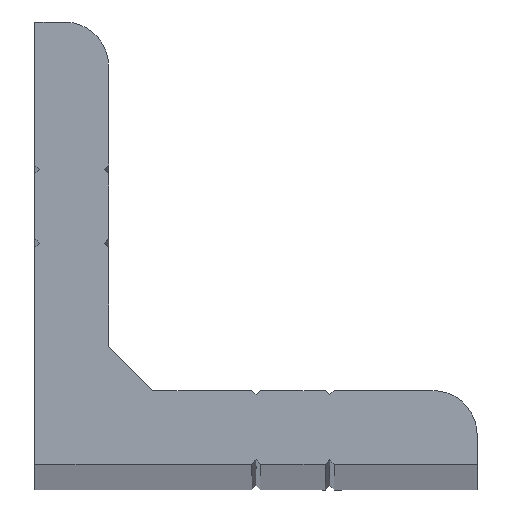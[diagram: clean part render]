
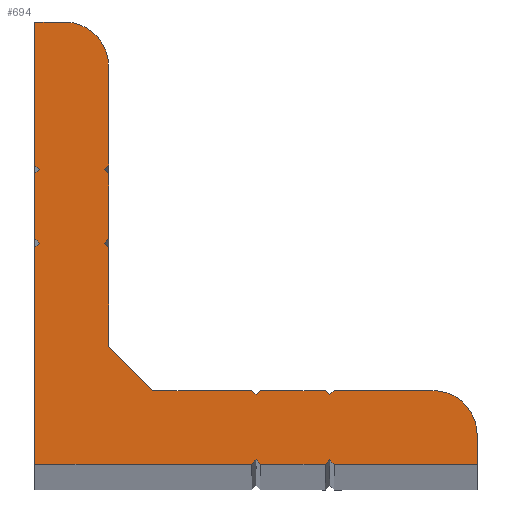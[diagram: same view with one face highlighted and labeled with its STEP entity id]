
A CAD part, top view. The second image highlights one B-rep face of the part: STEP entity #694.
In plain terms, the highlighted planar face has unit normal (0, 0, 1).
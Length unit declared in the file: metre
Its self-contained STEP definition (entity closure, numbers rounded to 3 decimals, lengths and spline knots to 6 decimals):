
#14=CIRCLE('',#726,0.003);
#16=CIRCLE('',#732,0.003);
#38=FACE_OUTER_BOUND('',#73,.T.);
#73=EDGE_LOOP('',(#546,#547,#548,#549,#550,#551,#552,#553,#554,#555,#556,
#557,#558,#559,#560,#561,#562,#563,#564,#565,#566,#567,#568,#569,#570,#571,
#572,#573,#574,#575,#576,#577,#578));
#90=LINE('',#932,#185);
#94=LINE('',#941,#189);
#98=LINE('',#950,#193);
#104=LINE('',#963,#199);
#109=LINE('',#973,#204);
#113=LINE('',#982,#208);
#115=LINE('',#988,#210);
#121=LINE('',#1000,#216);
#123=LINE('',#1005,#218);
#127=LINE('',#1014,#222);
#129=LINE('',#1018,#224);
#134=LINE('',#1032,#229);
#136=LINE('',#1035,#231);
#139=LINE('',#1042,#234);
#143=LINE('',#1053,#238);
#161=LINE('',#1082,#256);
#162=LINE('',#1083,#257);
#163=LINE('',#1085,#258);
#164=LINE('',#1086,#259);
#165=LINE('',#1088,#260);
#166=LINE('',#1089,#261);
#167=LINE('',#1091,#262);
#168=LINE('',#1092,#263);
#169=LINE('',#1094,#264);
#170=LINE('',#1095,#265);
#171=LINE('',#1097,#266);
#172=LINE('',#1098,#267);
#173=LINE('',#1100,#268);
#174=LINE('',#1101,#269);
#175=LINE('',#1103,#270);
#176=LINE('',#1104,#271);
#185=VECTOR('',#757,0.0044);
#189=VECTOR('',#763,0.0067);
#193=VECTOR('',#769,0.0147);
#199=VECTOR('',#777,0.0044);
#204=VECTOR('',#784,0.0097);
#208=VECTOR('',#790,0.0044);
#210=VECTOR('',#794,0.0044);
#216=VECTOR('',#802,0.0067);
#218=VECTOR('',#806,0.0147);
#222=VECTOR('',#812,0.0097);
#224=VECTOR('',#816,0.002);
#229=VECTOR('',#829,0.0067);
#231=VECTOR('',#833,0.004243);
#234=VECTOR('',#838,0.0067);
#238=VECTOR('',#850,0.002);
#256=VECTOR('',#872,0.000424);
#257=VECTOR('',#873,0.000424);
#258=VECTOR('',#874,0.000424);
#259=VECTOR('',#875,0.000424);
#260=VECTOR('',#876,0.000424);
#261=VECTOR('',#877,0.000424);
#262=VECTOR('',#878,0.000424);
#263=VECTOR('',#879,0.000424);
#264=VECTOR('',#880,0.000424);
#265=VECTOR('',#881,0.000424);
#266=VECTOR('',#882,0.000424);
#267=VECTOR('',#883,0.000424);
#268=VECTOR('',#884,0.000424);
#269=VECTOR('',#885,0.000424);
#270=VECTOR('',#886,0.000424);
#271=VECTOR('',#887,0.000424);
#280=VERTEX_POINT('',#930);
#281=VERTEX_POINT('',#931);
#284=VERTEX_POINT('',#939);
#285=VERTEX_POINT('',#940);
#288=VERTEX_POINT('',#948);
#289=VERTEX_POINT('',#949);
#294=VERTEX_POINT('',#960);
#295=VERTEX_POINT('',#962);
#296=VERTEX_POINT('',#966);
#299=VERTEX_POINT('',#971);
#300=VERTEX_POINT('',#975);
#303=VERTEX_POINT('',#980);
#304=VERTEX_POINT('',#984);
#306=VERTEX_POINT('',#987);
#308=VERTEX_POINT('',#993);
#311=VERTEX_POINT('',#998);
#312=VERTEX_POINT('',#1002);
#316=VERTEX_POINT('',#1011);
#317=VERTEX_POINT('',#1013);
#318=VERTEX_POINT('',#1017);
#322=VERTEX_POINT('',#1029);
#323=VERTEX_POINT('',#1031);
#324=VERTEX_POINT('',#1038);
#326=VERTEX_POINT('',#1041);
#328=VERTEX_POINT('',#1047);
#338=VERTEX_POINT('',#1081);
#339=VERTEX_POINT('',#1084);
#340=VERTEX_POINT('',#1087);
#341=VERTEX_POINT('',#1090);
#342=VERTEX_POINT('',#1093);
#343=VERTEX_POINT('',#1096);
#344=VERTEX_POINT('',#1099);
#345=VERTEX_POINT('',#1102);
#346=EDGE_CURVE('',#280,#281,#90,.T.);
#350=EDGE_CURVE('',#284,#285,#94,.T.);
#354=EDGE_CURVE('',#288,#289,#98,.T.);
#360=EDGE_CURVE('',#294,#295,#104,.T.);
#365=EDGE_CURVE('',#296,#299,#109,.T.);
#369=EDGE_CURVE('',#300,#303,#113,.T.);
#371=EDGE_CURVE('',#306,#304,#115,.T.);
#377=EDGE_CURVE('',#308,#311,#121,.T.);
#379=EDGE_CURVE('',#288,#312,#123,.T.);
#383=EDGE_CURVE('',#316,#317,#127,.T.);
#385=EDGE_CURVE('',#317,#318,#129,.T.);
#388=EDGE_CURVE('',#284,#318,#14,.F.);
#392=EDGE_CURVE('',#322,#323,#134,.T.);
#394=EDGE_CURVE('',#311,#323,#136,.T.);
#397=EDGE_CURVE('',#326,#324,#139,.T.);
#400=EDGE_CURVE('',#326,#328,#16,.T.);
#403=EDGE_CURVE('',#299,#328,#143,.T.);
#421=EDGE_CURVE('',#322,#338,#161,.T.);
#422=EDGE_CURVE('',#338,#281,#162,.T.);
#423=EDGE_CURVE('',#280,#339,#163,.T.);
#424=EDGE_CURVE('',#339,#285,#164,.T.);
#425=EDGE_CURVE('',#316,#340,#165,.T.);
#426=EDGE_CURVE('',#340,#295,#166,.T.);
#427=EDGE_CURVE('',#294,#341,#167,.T.);
#428=EDGE_CURVE('',#341,#289,#168,.T.);
#429=EDGE_CURVE('',#312,#342,#169,.T.);
#430=EDGE_CURVE('',#342,#306,#170,.T.);
#431=EDGE_CURVE('',#304,#343,#171,.T.);
#432=EDGE_CURVE('',#343,#296,#172,.T.);
#433=EDGE_CURVE('',#324,#344,#173,.T.);
#434=EDGE_CURVE('',#344,#300,#174,.T.);
#435=EDGE_CURVE('',#303,#345,#175,.T.);
#436=EDGE_CURVE('',#345,#308,#176,.T.);
#546=ORIENTED_EDGE('',*,*,#421,.T.);
#547=ORIENTED_EDGE('',*,*,#422,.T.);
#548=ORIENTED_EDGE('',*,*,#346,.F.);
#549=ORIENTED_EDGE('',*,*,#423,.T.);
#550=ORIENTED_EDGE('',*,*,#424,.T.);
#551=ORIENTED_EDGE('',*,*,#350,.F.);
#552=ORIENTED_EDGE('',*,*,#388,.T.);
#553=ORIENTED_EDGE('',*,*,#385,.F.);
#554=ORIENTED_EDGE('',*,*,#383,.F.);
#555=ORIENTED_EDGE('',*,*,#425,.T.);
#556=ORIENTED_EDGE('',*,*,#426,.T.);
#557=ORIENTED_EDGE('',*,*,#360,.F.);
#558=ORIENTED_EDGE('',*,*,#427,.T.);
#559=ORIENTED_EDGE('',*,*,#428,.T.);
#560=ORIENTED_EDGE('',*,*,#354,.F.);
#561=ORIENTED_EDGE('',*,*,#379,.T.);
#562=ORIENTED_EDGE('',*,*,#429,.T.);
#563=ORIENTED_EDGE('',*,*,#430,.T.);
#564=ORIENTED_EDGE('',*,*,#371,.T.);
#565=ORIENTED_EDGE('',*,*,#431,.T.);
#566=ORIENTED_EDGE('',*,*,#432,.T.);
#567=ORIENTED_EDGE('',*,*,#365,.T.);
#568=ORIENTED_EDGE('',*,*,#403,.T.);
#569=ORIENTED_EDGE('',*,*,#400,.F.);
#570=ORIENTED_EDGE('',*,*,#397,.T.);
#571=ORIENTED_EDGE('',*,*,#433,.T.);
#572=ORIENTED_EDGE('',*,*,#434,.T.);
#573=ORIENTED_EDGE('',*,*,#369,.T.);
#574=ORIENTED_EDGE('',*,*,#435,.T.);
#575=ORIENTED_EDGE('',*,*,#436,.T.);
#576=ORIENTED_EDGE('',*,*,#377,.T.);
#577=ORIENTED_EDGE('',*,*,#394,.T.);
#578=ORIENTED_EDGE('',*,*,#392,.F.);
#659=PLANE('',#736);
#694=ADVANCED_FACE('',(#38),#659,.F.);
#726=AXIS2_PLACEMENT_3D('',#1023,#821,#822);
#732=AXIS2_PLACEMENT_3D('',#1048,#843,#844);
#736=AXIS2_PLACEMENT_3D('',#1080,#870,#871);
#757=DIRECTION('',(0.,-1.,0.));
#763=DIRECTION('',(0.,-1.,0.));
#769=DIRECTION('',(0.,1.,0.));
#777=DIRECTION('',(0.,1.,0.));
#784=DIRECTION('',(1.,0.,0.));
#790=DIRECTION('',(-1.,0.,0.));
#794=DIRECTION('',(1.,0.,0.));
#802=DIRECTION('',(-1.,0.,0.));
#806=DIRECTION('',(1.,0.,0.));
#812=DIRECTION('',(0.,1.,0.));
#816=DIRECTION('',(1.,0.,0.));
#821=DIRECTION('center_axis',(0.,0.,-1.));
#822=DIRECTION('ref_axis',(-1.,0.,0.));
#829=DIRECTION('',(0.,-1.,0.));
#833=DIRECTION('',(-0.707,0.707,0.));
#838=DIRECTION('',(-1.,0.,0.));
#843=DIRECTION('center_axis',(0.,0.,-1.));
#844=DIRECTION('ref_axis',(-1.,0.,0.));
#850=DIRECTION('',(0.,1.,0.));
#870=DIRECTION('center_axis',(0.,0.,-1.));
#871=DIRECTION('ref_axis',(-1.,0.,0.));
#872=DIRECTION('',(-0.707,0.707,0.));
#873=DIRECTION('',(0.707,0.707,0.));
#874=DIRECTION('',(-0.707,0.707,0.));
#875=DIRECTION('',(0.707,0.707,0.));
#876=DIRECTION('',(0.707,-0.707,0.));
#877=DIRECTION('',(-0.707,-0.707,0.));
#878=DIRECTION('',(0.707,-0.707,0.));
#879=DIRECTION('',(-0.707,-0.707,0.));
#880=DIRECTION('',(0.707,0.707,0.));
#881=DIRECTION('',(0.707,-0.707,0.));
#882=DIRECTION('',(0.707,0.707,0.));
#883=DIRECTION('',(0.707,-0.707,0.));
#884=DIRECTION('',(-0.707,-0.707,0.));
#885=DIRECTION('',(-0.707,0.707,0.));
#886=DIRECTION('',(-0.707,-0.707,0.));
#887=DIRECTION('',(-0.707,0.707,0.));
#930=CARTESIAN_POINT('',(0.005,0.0197,1.));
#931=CARTESIAN_POINT('',(0.005,0.0153,1.));
#932=CARTESIAN_POINT('',(0.005,0.0197,1.));
#939=CARTESIAN_POINT('',(0.005,0.027,1.));
#940=CARTESIAN_POINT('',(0.005,0.0203,1.));
#941=CARTESIAN_POINT('',(0.005,0.027,1.));
#948=CARTESIAN_POINT('',(0.,0.,1.));
#949=CARTESIAN_POINT('',(0.,0.0147,1.));
#950=CARTESIAN_POINT('',(0.,0.,1.));
#960=CARTESIAN_POINT('',(0.,0.0153,1.));
#962=CARTESIAN_POINT('',(0.,0.0197,1.));
#963=CARTESIAN_POINT('',(0.,0.0153,1.));
#966=CARTESIAN_POINT('',(0.0203,0.,1.));
#971=CARTESIAN_POINT('',(0.03,0.,1.));
#973=CARTESIAN_POINT('',(0.0203,0.,1.));
#975=CARTESIAN_POINT('',(0.0197,0.005,1.));
#980=CARTESIAN_POINT('',(0.0153,0.005,1.));
#982=CARTESIAN_POINT('',(0.0197,0.005,1.));
#984=CARTESIAN_POINT('',(0.0197,0.,1.));
#987=CARTESIAN_POINT('',(0.0153,0.,1.));
#988=CARTESIAN_POINT('',(0.0153,0.,1.));
#993=CARTESIAN_POINT('',(0.0147,0.005,1.));
#998=CARTESIAN_POINT('',(0.008,0.005,1.));
#1000=CARTESIAN_POINT('',(0.0147,0.005,1.));
#1002=CARTESIAN_POINT('',(0.0147,0.,1.));
#1005=CARTESIAN_POINT('',(0.,0.,1.));
#1011=CARTESIAN_POINT('',(0.,0.0203,1.));
#1013=CARTESIAN_POINT('',(0.,0.03,1.));
#1014=CARTESIAN_POINT('',(0.,0.0203,1.));
#1017=CARTESIAN_POINT('',(0.002,0.03,1.));
#1018=CARTESIAN_POINT('',(0.,0.03,1.));
#1023=CARTESIAN_POINT('Origin',(0.002,0.027,1.));
#1029=CARTESIAN_POINT('',(0.005,0.0147,1.));
#1031=CARTESIAN_POINT('',(0.005,0.008,1.));
#1032=CARTESIAN_POINT('',(0.005,0.0147,1.));
#1035=CARTESIAN_POINT('',(0.008,0.005,1.));
#1038=CARTESIAN_POINT('',(0.0203,0.005,1.));
#1041=CARTESIAN_POINT('',(0.027,0.005,1.));
#1042=CARTESIAN_POINT('',(0.027,0.005,1.));
#1047=CARTESIAN_POINT('',(0.03,0.002,1.));
#1048=CARTESIAN_POINT('Origin',(0.027,0.002,1.));
#1053=CARTESIAN_POINT('',(0.03,0.,1.));
#1080=CARTESIAN_POINT('Origin',(0.,0.,1.));
#1081=CARTESIAN_POINT('',(0.0047,0.015,1.));
#1082=CARTESIAN_POINT('',(0.005,0.0147,1.));
#1083=CARTESIAN_POINT('',(0.0047,0.015,1.));
#1084=CARTESIAN_POINT('',(0.0047,0.02,1.));
#1085=CARTESIAN_POINT('',(0.005,0.0197,1.));
#1086=CARTESIAN_POINT('',(0.0047,0.02,1.));
#1087=CARTESIAN_POINT('',(0.0003,0.02,1.));
#1088=CARTESIAN_POINT('',(0.,0.0203,1.));
#1089=CARTESIAN_POINT('',(0.0003,0.02,1.));
#1090=CARTESIAN_POINT('',(0.0003,0.015,1.));
#1091=CARTESIAN_POINT('',(0.,0.0153,1.));
#1092=CARTESIAN_POINT('',(0.0003,0.015,1.));
#1093=CARTESIAN_POINT('',(0.015,0.0003,1.));
#1094=CARTESIAN_POINT('',(0.0147,0.,1.));
#1095=CARTESIAN_POINT('',(0.015,0.0003,1.));
#1096=CARTESIAN_POINT('',(0.02,0.0003,1.));
#1097=CARTESIAN_POINT('',(0.0197,0.,1.));
#1098=CARTESIAN_POINT('',(0.02,0.0003,1.));
#1099=CARTESIAN_POINT('',(0.02,0.0047,1.));
#1100=CARTESIAN_POINT('',(0.0203,0.005,1.));
#1101=CARTESIAN_POINT('',(0.02,0.0047,1.));
#1102=CARTESIAN_POINT('',(0.015,0.0047,1.));
#1103=CARTESIAN_POINT('',(0.0153,0.005,1.));
#1104=CARTESIAN_POINT('',(0.015,0.0047,1.));
----------------------------------------
▶ [EXERCISE PROMPT]:
The expected answer is an exact copy of the lines above, beginning at the line with "#1084=CARTESIAN_POINT('',(0.0047,0.02,1.));" and ending at the line with "#1094=CARTESIAN_POINT('',(0.0147,0.,1.));", with both ends in.

▶ [EXERCISE ANSWER]:
#1084=CARTESIAN_POINT('',(0.0047,0.02,1.));
#1085=CARTESIAN_POINT('',(0.005,0.0197,1.));
#1086=CARTESIAN_POINT('',(0.0047,0.02,1.));
#1087=CARTESIAN_POINT('',(0.0003,0.02,1.));
#1088=CARTESIAN_POINT('',(0.,0.0203,1.));
#1089=CARTESIAN_POINT('',(0.0003,0.02,1.));
#1090=CARTESIAN_POINT('',(0.0003,0.015,1.));
#1091=CARTESIAN_POINT('',(0.,0.0153,1.));
#1092=CARTESIAN_POINT('',(0.0003,0.015,1.));
#1093=CARTESIAN_POINT('',(0.015,0.0003,1.));
#1094=CARTESIAN_POINT('',(0.0147,0.,1.));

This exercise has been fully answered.